The FCC has voted unanimously, though with one partial dissent, to adopt a one-touch, make-ready (OTMR) policy for new broadband attachments on utility poles.
The third Report & Order and declaratory ruling allows new attachers -- like cable broadband providers and Google Fiber -- to perform all the "simple" work of preparing and attaching the wires.
The ruling also declares in no uncertain terms that states and localities are prohibited from imposing moratoria on broadband buildouts.
The item codifies that new wires can overlash existing attachments to maximize the space available and regularizes the rate incumbents pay for attachments vs. cable and telco attachers.
The idea is to speed broadband deployments while ensuring the pole work is done safely. Fox example, complex connections or ones where the safety risks are greater, such as high up on a pole, will still be subject to multi-touches.
Ajit Pai, FCC chair, said pole attachments were one of the biggest barriers to broadband deployment, and that OTMR promises to "substantially" lower costs and reduce the time to attach. He likened the lack of OTMR to making separate round trips to the grocery store for each item on a shopping list.
He said nothing in the record supported requiring stronger indemnification for incumbent attachers, a potential negative impact on jobs, or arguments that existing attachers should be determining which attachments are simple vs. complex. Pai cited Google Fiber's opposition to all of those.
Commissioner Jessica Rosenworcel, who cast the partial dissent, said while she agreed with speeding attachment, she believes the FCC had rushed the item and run roughshod over important details, accepting too much ambiguity in definitions and processes. She said that would slow, rather than speed, deployment. She said the FCC could and should do more to protect jobs and safety, and provide more guidance to both attachers and the utility pole owners.

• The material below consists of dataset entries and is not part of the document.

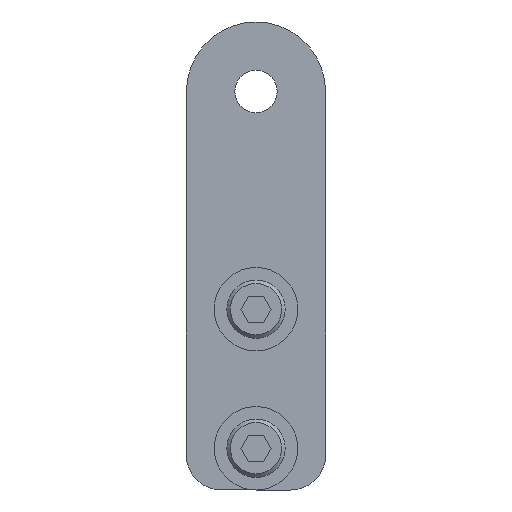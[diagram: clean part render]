
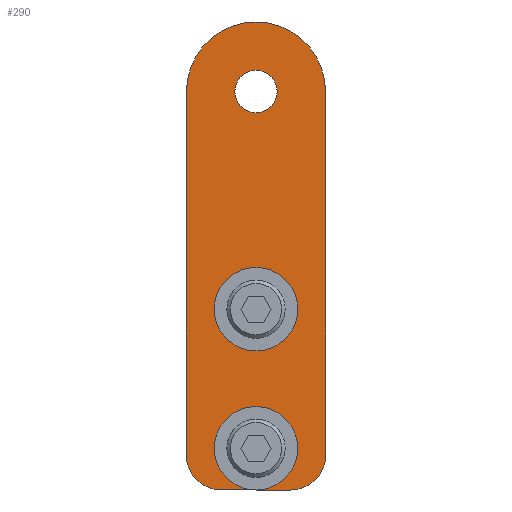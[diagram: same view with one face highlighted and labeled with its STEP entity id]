
A CAD part, left-side view. The second image highlights one B-rep face of the part: STEP entity #290.
In plain terms, the highlighted planar face has unit normal (-1, 0, 0) as drawn and (0, 0, 1) by its records, which use the part's own axes.
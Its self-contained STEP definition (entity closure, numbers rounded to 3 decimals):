
#290=ADVANCED_FACE('',(#558,#559,#560,#561),#562,.T.);
#558=FACE_BOUND('',#894,.T.);
#559=FACE_BOUND('',#895,.T.);
#560=FACE_BOUND('',#896,.T.);
#561=FACE_OUTER_BOUND('',#897,.T.);
#562=PLANE('',#898);
#894=EDGE_LOOP('',(#1227));
#895=EDGE_LOOP('',(#1228));
#896=EDGE_LOOP('',(#1229));
#897=EDGE_LOOP('',(#1230,#1231,#1232,#1233,#1234,#1235));
#898=AXIS2_PLACEMENT_3D('',#1236,#1237,#1238);
#1227=ORIENTED_EDGE('',*,*,#2045,.T.);
#1228=ORIENTED_EDGE('',*,*,#2057,.T.);
#1229=ORIENTED_EDGE('',*,*,#2058,.T.);
#1230=ORIENTED_EDGE('',*,*,#2059,.T.);
#1231=ORIENTED_EDGE('',*,*,#2060,.T.);
#1232=ORIENTED_EDGE('',*,*,#2061,.T.);
#1233=ORIENTED_EDGE('',*,*,#2062,.T.);
#1234=ORIENTED_EDGE('',*,*,#2063,.T.);
#1235=ORIENTED_EDGE('',*,*,#2064,.T.);
#1236=CARTESIAN_POINT('',(10.0,57.3,2.0));
#1237=DIRECTION('',(0.0,0.0,1.0));
#1238=DIRECTION('',(1.0,0.0,0.0));
#2045=EDGE_CURVE('',#2366,#2366,#2367,.T.);
#2057=EDGE_CURVE('',#2388,#2388,#2389,.T.);
#2058=EDGE_CURVE('',#2390,#2390,#2391,.T.);
#2059=EDGE_CURVE('',#2392,#2393,#2394,.T.);
#2060=EDGE_CURVE('',#2393,#2395,#2396,.T.);
#2061=EDGE_CURVE('',#2395,#2397,#2398,.T.);
#2062=EDGE_CURVE('',#2397,#2399,#2400,.T.);
#2063=EDGE_CURVE('',#2399,#2401,#2402,.T.);
#2064=EDGE_CURVE('',#2401,#2392,#2403,.T.);
#2366=VERTEX_POINT('',#2845);
#2367=CIRCLE('',#2846,3.05);
#2388=VERTEX_POINT('',#2870);
#2389=CIRCLE('',#2871,2.55);
#2390=VERTEX_POINT('',#2872);
#2391=CIRCLE('',#2873,2.55);
#2392=VERTEX_POINT('',#2874);
#2393=VERTEX_POINT('',#2875);
#2394=LINE('',#2876,#2877);
#2395=VERTEX_POINT('',#2878);
#2396=CIRCLE('',#2879,10.0);
#2397=VERTEX_POINT('',#2880);
#2398=LINE('',#2881,#2882);
#2399=VERTEX_POINT('',#2883);
#2400=CIRCLE('',#2884,5.0);
#2401=VERTEX_POINT('',#2885);
#2402=LINE('',#2886,#2887);
#2403=CIRCLE('',#2888,5.0);
#2845=CARTESIAN_POINT('',(6.95,57.3,2.0));
#2846=AXIS2_PLACEMENT_3D('',#3499,#3500,#3501);
#2870=CARTESIAN_POINT('',(7.45,26.0,2.0));
#2871=AXIS2_PLACEMENT_3D('',#3523,#3524,#3525);
#2872=CARTESIAN_POINT('',(7.45,6.0,2.0));
#2873=AXIS2_PLACEMENT_3D('',#3526,#3527,#3528);
#2874=CARTESIAN_POINT('',(20.0,5.0,2.0));
#2875=CARTESIAN_POINT('',(20.0,57.3,2.0));
#2876=CARTESIAN_POINT('',(20.0,5.0,2.0));
#2877=VECTOR('',#3529,1.0);
#2878=CARTESIAN_POINT('',(0.,57.3,2.0));
#2879=AXIS2_PLACEMENT_3D('',#3530,#3531,#3532);
#2880=CARTESIAN_POINT('',(0.,5.0,2.0));
#2881=CARTESIAN_POINT('',(0.,57.3,2.0));
#2882=VECTOR('',#3533,1.0);
#2883=CARTESIAN_POINT('',(5.0,0.0,2.0));
#2884=AXIS2_PLACEMENT_3D('',#3534,#3535,#3536);
#2885=CARTESIAN_POINT('',(15.0,0.0,2.0));
#2886=CARTESIAN_POINT('',(5.0,0.0,2.0));
#2887=VECTOR('',#3537,1.0);
#2888=AXIS2_PLACEMENT_3D('',#3538,#3539,#3540);
#3499=CARTESIAN_POINT('',(10.0,57.3,2.0));
#3500=DIRECTION('',(0.0,0.0,-1.0));
#3501=DIRECTION('',(-1.0,0.0,0.0));
#3523=CARTESIAN_POINT('',(10.0,26.0,2.0));
#3524=DIRECTION('',(0.0,0.0,-1.0));
#3525=DIRECTION('',(-1.0,0.0,0.0));
#3526=CARTESIAN_POINT('',(10.0,6.0,2.0));
#3527=DIRECTION('',(0.0,0.0,-1.0));
#3528=DIRECTION('',(-1.0,0.0,0.0));
#3529=DIRECTION('',(0.0,1.0,0.0));
#3530=CARTESIAN_POINT('',(10.0,57.3,2.0));
#3531=DIRECTION('',(0.0,0.0,1.0));
#3532=DIRECTION('',(1.0,0.0,0.0));
#3533=DIRECTION('',(0.0,-1.0,0.0));
#3534=CARTESIAN_POINT('',(5.0,5.0,2.0));
#3535=DIRECTION('',(0.0,0.0,1.0));
#3536=DIRECTION('',(1.0,0.0,0.0));
#3537=DIRECTION('',(1.0,0.0,0.0));
#3538=CARTESIAN_POINT('',(15.0,5.0,2.0));
#3539=DIRECTION('',(0.0,0.0,1.0));
#3540=DIRECTION('',(1.0,0.0,0.0));

Commissioner Michael O'Rielly focused his comments like a laser, or more like a howitzer, on the moratoria.
He said there was universal agreement that broadband should be available to all Americans, but that a select group of states and localities were slowing the process to feed their ego, or increase their power or to collect "shakedown" bounties.
O'Rielly said he did not buy the argument that more time and cooperation was needed.
He said states had been on notice for decades that Congress did not like moratori, which he called an outrageous practice.
He said he knew the FCC's assertion of preemption, which the FCC said would be targeted and on a case-by-case basis, would be challenged in court, but he called those moratoria mindless delays and extortion, including digital inclusion funds that he called slush funds that raise costs to consumers.
Pai said there may be reasonable ways for states and localities to regulate buildouts, but blocking buildouts was not one.